Why would you convert a perfectly good 2×10 or 3×9 crankset to 1×9/10? Well there are two reasons to do it, save weight (500 grams) and simplify your bike. If you do the math and look at a table of gears the 11-36 cassette from Shimano or Sram give you almost all the gears with a 2×9 setup. So strictly from a gear standpoint you don’t even lose much. For this reason converting my cranks to a 1x configuration is my favorite mod. The added bonus on the trail is you have less things to worry about, just one shifter on the right. Going uphill, shift down, going downhill, shift up. No worrying about if you are in the correct big ring or not. Having the chain slip from one cog to the next and losing momentum is no longer a worry. So how do you do it? Let me tell you.
1. Decide if you are going to use your current crank or buy a new one. Your crank has to be one where the rings can be removed. Some of the lower end cranks have all the ring riveted on. My personal favorite crank sets are the Shimano SLX/LX/Deore line. They can be found cheap on sale and when stripped down to one ring weigh about the same as the XT crank. Also the Race Face Evolve line can be found reasonable and the latest ones are pretty damn good.
2. (Optional) You can use your current center ring if you want to, but it was designed for shifting so it has pins, ramps and is probably made out of a heavy steel. It will work fine for a while, but a dedicated single speed center ring should be purchased at some point. So you will need to know what your Bolt Center Diameter is on your current crankset. Most new cranks use a 4x104mm BCD configuration. Google and the model number stamped on your crank will help you figure it out quickly.

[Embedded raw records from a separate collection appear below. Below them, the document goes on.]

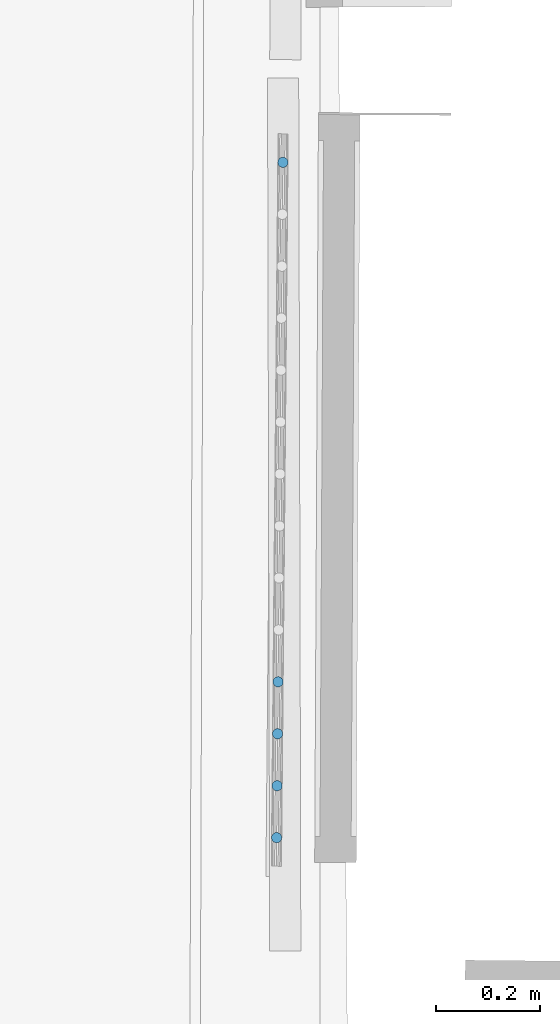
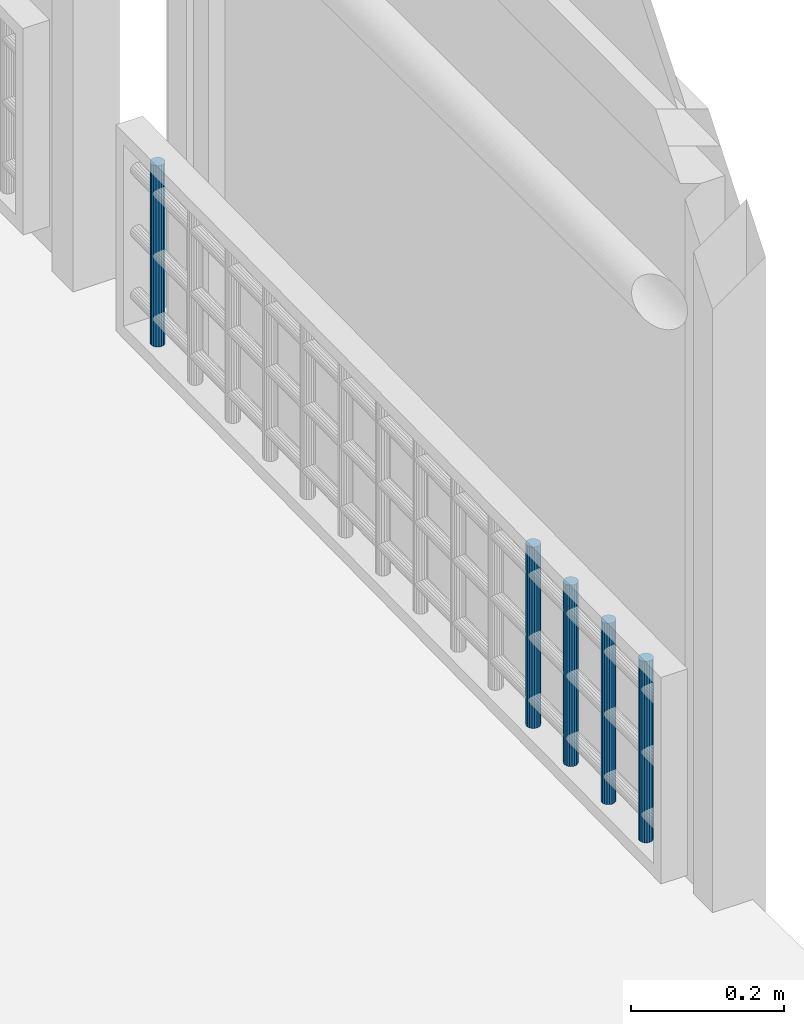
# One storey, part 33 of 72: 5 members, 1 element without a shape of its own.
"""IFC2X3 building model written with IfcOpenShell, lengths in centimetres."""

from ifc_helpers import new_model, entity, si_unit, converted_unit, direction, frame, origin, origin_with_axes, place, context, subcontext, project, spatial, faceted_brep, material, type_object, element, aggregate, save


model = new_model("IFC2X3")

# Units and contexts
model_context = context("Model", 3, precision=0.0001, world=origin(), true_north=direction((0.225632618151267, 0.974212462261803, 0.0)))
body_context = subcontext(model_context, "Body", "Model", "MODEL_VIEW")
ifc_project = project(units=[si_unit("LENGTHUNIT", "METRE", prefix="CENTI"), si_unit("AREAUNIT", "SQUARE_METRE", prefix="CENTI"), si_unit("VOLUMEUNIT", "CUBIC_METRE", prefix="CENTI"), converted_unit("PLANEANGLEUNIT", "DEGREE", entity("IfcRatioMeasure", 0.0174532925), si_unit("PLANEANGLEUNIT", "RADIAN"), dimensions=[0, 0, 0, 0, 0, 0, 0])], contexts=[model_context])

# Site, building, storey
site_placement = place(None, origin_with_axes())
site = spatial("IfcSite", under=ifc_project, at=site_placement, Name="Default Site", CompositionType="ELEMENT")
building_placement = place(site_placement, origin_with_axes())
building = spatial("IfcBuilding", under=site, at=building_placement, Name="Default Building", CompositionType="ELEMENT")
storey_placement = place(building_placement, frame((0.0, 0.0, 853.910374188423), z_axis=(0.0, 0.0, 1.0), x_axis=(1.0, 0.0, 0.0)))
storey = spatial("IfcBuildingStorey", under=building, at=storey_placement, Name="Niveau 2", CompositionType="ELEMENT", Elevation=853.910374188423)

# Assembly, members
building_element_proxy_type = type_object("IfcBuildingElementProxyType", Name="Type Object", PredefinedType="NOTDEFINED")
assembly_placement = place(storey_placement, frame((1064.66913892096, -34.4836063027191, 11.9999999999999), z_axis=(0.0, 0.0, 1.0), x_axis=(-0.00922380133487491, -0.999957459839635, 0.0)))
assembly = element("IfcElementAssembly", 1, at=assembly_placement, inside=storey, type_object=building_element_proxy_type, Name="Panneau 1702022", ObjectType="Precast panel", PredefinedType="USERDEFINED")
ifc_material = material(Name="Aluminium satiné")
member_1_placement = place(assembly_placement, frame((8.43969285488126, 0.342020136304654, 31.0000002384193), z_axis=(0.0, 0.0, 1.0), x_axis=(0.500000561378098, -0.866025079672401, 0.0)))
member_1 = element("IfcMember", 2, at=member_1_placement, material=ifc_material, Name="4294967169", context=body_context, shape_type="Brep", body=[
    faceted_brep([(2.17187379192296e-13, -1.76247905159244e-13, -1.72084568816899e-13), (-0.34729650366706, -2.17881268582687e-13, -1.72084568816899e-13), (-0.673648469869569, -0.118782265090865, -1.72084568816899e-13), (-0.939693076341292, -0.342019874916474, -1.72084568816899e-13), (-1.11334134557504, -0.642787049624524, -1.72084568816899e-13), (-1.17364892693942, -0.984807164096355, -1.72084568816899e-13), (-1.11334184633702, -1.3268274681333, -1.72084568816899e-13), (-0.939693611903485, -1.62759464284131, -1.72084568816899e-13), (-0.673649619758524, -1.85083312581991, -1.72084568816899e-13), (-0.347297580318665, -1.96961516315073, -1.72084568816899e-13), (-1.44918083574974e-06, -1.96961580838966, -1.72084568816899e-13), (0.326350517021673, -1.85083354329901, -1.72084568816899e-13), (0.592395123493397, -1.6275959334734, -1.72084568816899e-13), (0.766043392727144, -1.32682875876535, -1.72084568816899e-13), (0.826350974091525, -0.984808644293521, -1.72084568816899e-13), (0.76604389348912, -0.642788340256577, -1.72084568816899e-13), (0.592396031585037, -0.342020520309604, -1.72084568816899e-13), (0.326351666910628, -0.118782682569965, -1.72084568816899e-13), (0.326351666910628, -0.118782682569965, -29.0000002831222), (0.592396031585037, -0.342020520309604, -29.0000002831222), (0.76604389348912, -0.642788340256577, -29.0000002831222), (0.826350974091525, -0.984808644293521, -29.0000002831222), (0.766043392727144, -1.32682875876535, -29.0000002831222), (0.592395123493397, -1.6275959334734, -29.0000002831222), (0.326350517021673, -1.85083354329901, -29.0000002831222), (-1.44918083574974e-06, -1.96961580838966, -29.0000002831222), (-0.347297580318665, -1.96961516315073, -29.0000002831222), (-0.673649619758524, -1.85083312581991, -29.0000002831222), (-0.939693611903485, -1.62759464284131, -29.0000002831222), (-1.11334184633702, -1.3268274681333, -29.0000002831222), (-1.17364892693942, -0.984807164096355, -29.0000002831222), (-1.11334134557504, -0.642787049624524, -29.0000002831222), (-0.939693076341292, -0.342019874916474, -29.0000002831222), (-0.673648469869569, -0.118782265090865, -29.0000002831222), (-0.34729650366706, -2.17881268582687e-13, -29.0000002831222), (2.17187379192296e-13, -1.76247905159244e-13, -29.0000002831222), (0.59239593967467, -0.342020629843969, -1.72084568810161e-13), (0.592395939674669, -0.34202062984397, -29.0000002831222), (0.326351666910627, -0.118782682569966, -29.0000002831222), (0.766044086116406, -0.64278822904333, -1.72084568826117e-13), (0.766044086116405, -0.642788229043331, -29.0000002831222), (0.592396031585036, -0.342020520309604, -29.0000002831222), (0.826351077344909, -0.98480862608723, -1.72084568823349e-13), (0.826351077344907, -0.98480862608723, -29.0000002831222), (0.766043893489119, -0.642788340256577, -29.0000002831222), (0.76604337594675, -1.3268287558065, -1.72084568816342e-13), (0.76604337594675, -1.3268287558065, -29.0000002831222), (0.826350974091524, -0.984808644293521, -29.0000002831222), (0.326350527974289, -1.85083355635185, -1.72084568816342e-13), (0.32635052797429, -1.85083355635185, -29.0000002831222), (0.592395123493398, -1.6275959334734, -29.0000002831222), (-1.48504028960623e-06, -1.96961570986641, -1.72084568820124e-13), (-1.48504028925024e-06, -1.96961570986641, -29.0000002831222), (-0.347297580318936, -1.96961558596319, -1.72084568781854e-13), (-0.347297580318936, -1.96961558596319, -29.0000002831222), (-0.673649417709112, -1.85083257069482, -1.7208456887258e-13), (-0.673649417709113, -1.85083257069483, -29.0000002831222), (-0.347297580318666, -1.96961516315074, -29.0000002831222), (-0.939693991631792, -1.62759509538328, -1.72084568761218e-13), (-0.939693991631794, -1.62759509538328, -29.0000002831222), (-0.673649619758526, -1.85083312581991, -29.0000002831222), (-1.11334148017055, -1.32682725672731, -1.72084568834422e-13), (-1.11334148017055, -1.32682725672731, -29.0000002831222), (-0.939693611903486, -1.62759464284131, -29.0000002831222), (-1.1736490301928, -0.984807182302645, -1.72084568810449e-13), (-1.17364903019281, -0.984807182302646, -29.0000002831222), (-1.11334132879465, -0.642787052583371, -1.72084568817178e-13), (-1.11334132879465, -0.642787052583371, -29.0000002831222), (-1.17364892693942, -0.984807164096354, -29.0000002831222), (-0.939693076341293, -0.342019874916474, -1.72084568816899e-13), (-0.939693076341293, -0.342019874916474, -29.0000002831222), (-0.673648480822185, -0.118782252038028, -1.72084568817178e-13), (-0.673648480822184, -0.118782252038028, -29.0000002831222), (-0.939693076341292, -0.342019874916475, -29.0000002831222), (-0.347296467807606, -9.85234630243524e-08, -1.72084568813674e-13), (-0.347296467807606, -9.85234638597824e-08, -29.0000002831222), (-0.673648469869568, -0.118782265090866, -29.0000002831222), (7.4733746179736e-14, -2.22426923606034e-07, -1.72084568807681e-13), (7.47337454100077e-14, -2.22426924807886e-07, -29.0000002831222), (-0.34729650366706, -2.19083120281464e-13, -29.0000002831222), (0.326351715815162, -0.118782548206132, -1.72084568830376e-13), (0.326351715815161, -0.118782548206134, -29.0000002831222), (2.16252502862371e-13, -1.78816451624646e-13, -29.0000002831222)], [[[0, 1, 2, 3, 4, 5, 6, 7, 8, 9, 10, 11, 12, 13, 14, 15, 16, 17]], [[18, 19, 20, 21, 22, 23, 24, 25, 26, 27, 28, 29, 30, 31, 32, 33, 34, 35]], [[17, 36, 37, 38]], [[16, 39, 40, 41]], [[15, 42, 43, 44]], [[14, 45, 46, 47]], [[13, 12, 23, 22]], [[12, 48, 49, 50]], [[11, 51, 52, 24]], [[10, 53, 54, 25]], [[9, 55, 56, 57]], [[8, 58, 59, 60]], [[7, 61, 62, 63]], [[6, 64, 65, 29]], [[5, 66, 67, 68]], [[4, 69, 70, 31]], [[3, 71, 72, 73]], [[2, 74, 75, 76]], [[1, 77, 78, 79]], [[0, 80, 81, 82]]]),
])
member_2_placement = place(assembly_placement, frame((108.439695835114, 0.342020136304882, 31.0000002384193), z_axis=(0.0, 0.0, 1.0), x_axis=(0.500008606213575, -0.866020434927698, 0.0)))
member_2 = element("IfcMember", 3, at=member_2_placement, material=ifc_material, Name="4294967159", context=body_context, shape_type="Brep", body=[
    faceted_brep([(4.55191440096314e-13, -2.77555756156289e-13, -1.72084568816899e-13), (-0.347298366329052, -2.33146835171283e-13, -1.72084568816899e-13), (-0.673648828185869, -0.118774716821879, -1.72084568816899e-13), (-0.939699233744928, -0.342016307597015, -1.72084568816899e-13), (-1.11334843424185, -0.642778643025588, -1.72084568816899e-13), (-1.17365695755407, -0.984794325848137, -1.72084568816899e-13), (-1.1133564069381, -1.32682099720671, -1.72084568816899e-13), (-0.939713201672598, -1.62759365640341, -1.72084568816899e-13), (-0.673665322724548, -1.85082428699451, -1.72084568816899e-13), (-0.347320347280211, -1.9696196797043, -1.72084568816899e-13), (-2.1980950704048e-05, -1.96961967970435, -1.72084568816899e-13), (0.326334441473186, -1.85083463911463, -1.72084568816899e-13), (0.592378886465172, -1.62760337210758, -1.72084568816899e-13), (0.766028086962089, -1.32684103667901, -1.72084568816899e-13), (0.826342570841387, -0.984815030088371, -1.72084568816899e-13), (0.766036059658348, -0.642798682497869, -1.72084568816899e-13), (0.592392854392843, -0.342026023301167, -1.72084568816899e-13), (0.326350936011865, -0.118785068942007, -1.72084568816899e-13), (0.326350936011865, -0.118785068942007, -29.0000002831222), (0.592392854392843, -0.342026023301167, -29.0000002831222), (0.766036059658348, -0.642798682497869, -29.0000002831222), (0.826342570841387, -0.984815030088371, -29.0000002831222), (0.766028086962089, -1.32684103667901, -29.0000002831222), (0.592378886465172, -1.62760337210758, -29.0000002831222), (0.326334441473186, -1.85083463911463, -29.0000002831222), (-2.1980950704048e-05, -1.96961967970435, -29.0000002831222), (-0.347320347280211, -1.9696196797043, -29.0000002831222), (-0.673665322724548, -1.85082428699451, -29.0000002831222), (-0.939713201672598, -1.62759365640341, -29.0000002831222), (-1.1133564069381, -1.32682099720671, -29.0000002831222), (-1.17365695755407, -0.984794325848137, -29.0000002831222), (-1.11334843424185, -0.642778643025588, -29.0000002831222), (-0.939699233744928, -0.342016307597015, -29.0000002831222), (-0.673648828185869, -0.118774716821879, -29.0000002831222), (-0.347298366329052, -2.33146835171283e-13, -29.0000002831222), (4.55191440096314e-13, -2.77555756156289e-13, -29.0000002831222), (0.59239323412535, -0.342025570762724, -1.72084568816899e-13), (0.59239323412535, -0.342025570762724, -29.0000002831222), (0.766039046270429, -0.642796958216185, -1.72084568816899e-13), (0.766039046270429, -0.642796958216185, -29.0000002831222), (0.826339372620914, -0.984815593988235, -1.72084568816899e-13), (0.826339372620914, -0.984815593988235, -29.0000002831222), (0.766030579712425, -1.32684147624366, -1.72084568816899e-13), (0.766030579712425, -1.32684147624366, -29.0000002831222), (0.592378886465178, -1.62760337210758, -1.72084568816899e-13), (0.592378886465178, -1.62760337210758, -29.0000002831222), (0.326335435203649, -1.85083582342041, -1.72084568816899e-13), (0.326335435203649, -1.85083582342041, -29.0000002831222), (-2.34909533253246e-05, -1.96961553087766, -1.72084568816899e-13), (-2.34909533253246e-05, -1.96961553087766, -29.0000002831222), (-0.347320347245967, -1.96961623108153, -1.72084568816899e-13), (-0.347320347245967, -1.96961623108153, -29.0000002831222), (-0.673669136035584, -1.8508347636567, -1.72084568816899e-13), (-0.673669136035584, -1.8508347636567, -29.0000002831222), (-0.939706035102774, -1.62758511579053, -1.72084568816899e-13), (-0.939706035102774, -1.62758511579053, -29.0000002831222), (-1.11335939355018, -1.3268227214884, -1.72084568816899e-13), (-1.11335939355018, -1.3268227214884, -29.0000002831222), (-1.17366130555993, -0.984795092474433, -1.72084568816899e-13), (-1.17366130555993, -0.984795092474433, -29.0000002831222), (-1.11334691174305, -0.642778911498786, -1.72084568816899e-13), (-1.11334691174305, -0.642778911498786, -29.0000002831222), (-0.939699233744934, -0.342016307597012, -1.72084568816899e-13), (-0.939699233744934, -0.342016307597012, -29.0000002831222), (-0.673647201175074, -0.118776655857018, -1.72084568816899e-13), (-0.673647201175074, -0.118776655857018, -29.0000002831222), (-0.347299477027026, 3.05171194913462e-06, -1.72084568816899e-13), (-0.347299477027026, 3.05171194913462e-06, -29.0000002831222), (-3.37891365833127e-11, -3.4486230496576e-06, -1.72084568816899e-13), (-3.37891365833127e-11, -3.4486230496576e-06, -29.0000002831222), (0.326350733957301, -0.118785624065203, -1.72084568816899e-13), (0.326350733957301, -0.118785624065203, -29.0000002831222)], [[[0, 1, 2, 3, 4, 5, 6, 7, 8, 9, 10, 11, 12, 13, 14, 15, 16, 17]], [[18, 19, 20, 21, 22, 23, 24, 25, 26, 27, 28, 29, 30, 31, 32, 33, 34, 35]], [[17, 36, 37, 18]], [[16, 38, 39, 19]], [[15, 40, 41, 20]], [[14, 42, 43, 21]], [[13, 44, 45, 22]], [[12, 46, 47, 23]], [[11, 48, 49, 24]], [[10, 50, 51, 25]], [[9, 52, 53, 26]], [[8, 54, 55, 27]], [[7, 56, 57, 28]], [[6, 58, 59, 29]], [[5, 60, 61, 30]], [[4, 62, 63, 31]], [[3, 64, 65, 32]], [[2, 66, 67, 33]], [[1, 68, 69, 34]], [[0, 70, 71, 35]]]),
])
member_3_placement = place(assembly_placement, frame((118.439698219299, 0.342020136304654, 31.0000002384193), z_axis=(0.0, 0.0, 1.0), x_axis=(0.500008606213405, -0.866020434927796, 0.0)))
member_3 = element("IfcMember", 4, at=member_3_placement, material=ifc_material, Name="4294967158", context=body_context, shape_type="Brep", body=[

After you figure out your BCD order a new single speed middle ring. They will run from $15 up to $100. I have been going back and forth between 32 and 34 teeth and both will work fine. If you need a bit more top end you can also find 36t rings, but know you will be giving up some climbing gear on the bottom end. I have found 34t to be the best compromise. Last is to look at the material the ring is made out of. Aluminum will be what you find the most of, but it will be in two materials 6061 and 7075. The 6061 will work fine, but wear pretty quickly. I have had them only last a season. The 7075 will cost a bit more, but wear better. Weight is about the same between the two materials.
3. Selecting a chain guide is your next step. You have 3 choices here, bash ring with an inside guide, no bash ring and guide, or 2 bash ring sandwich. I will start by saying I don’t like the 2 bash ring sandwich. Pain in the butt to clean and can actually allow the chain to still jump out. Also the weight of the second bash ring almost negates everything you are trying to do. My personal favorite is the MRP chain guide. You take off your bash ring and the guide mounts via your bottom bracket. I have yet to have it fail and let the chain jump, they are fairly cheap for $50 and simple to install. This would be my first choice. If you want to keep your bash ring the N-Stop guide works well and is really cheap at $10. It clamps to your frame so you will need to measure your frames seat tube diameter and order the correct size. There are other similar products but these two I know work well.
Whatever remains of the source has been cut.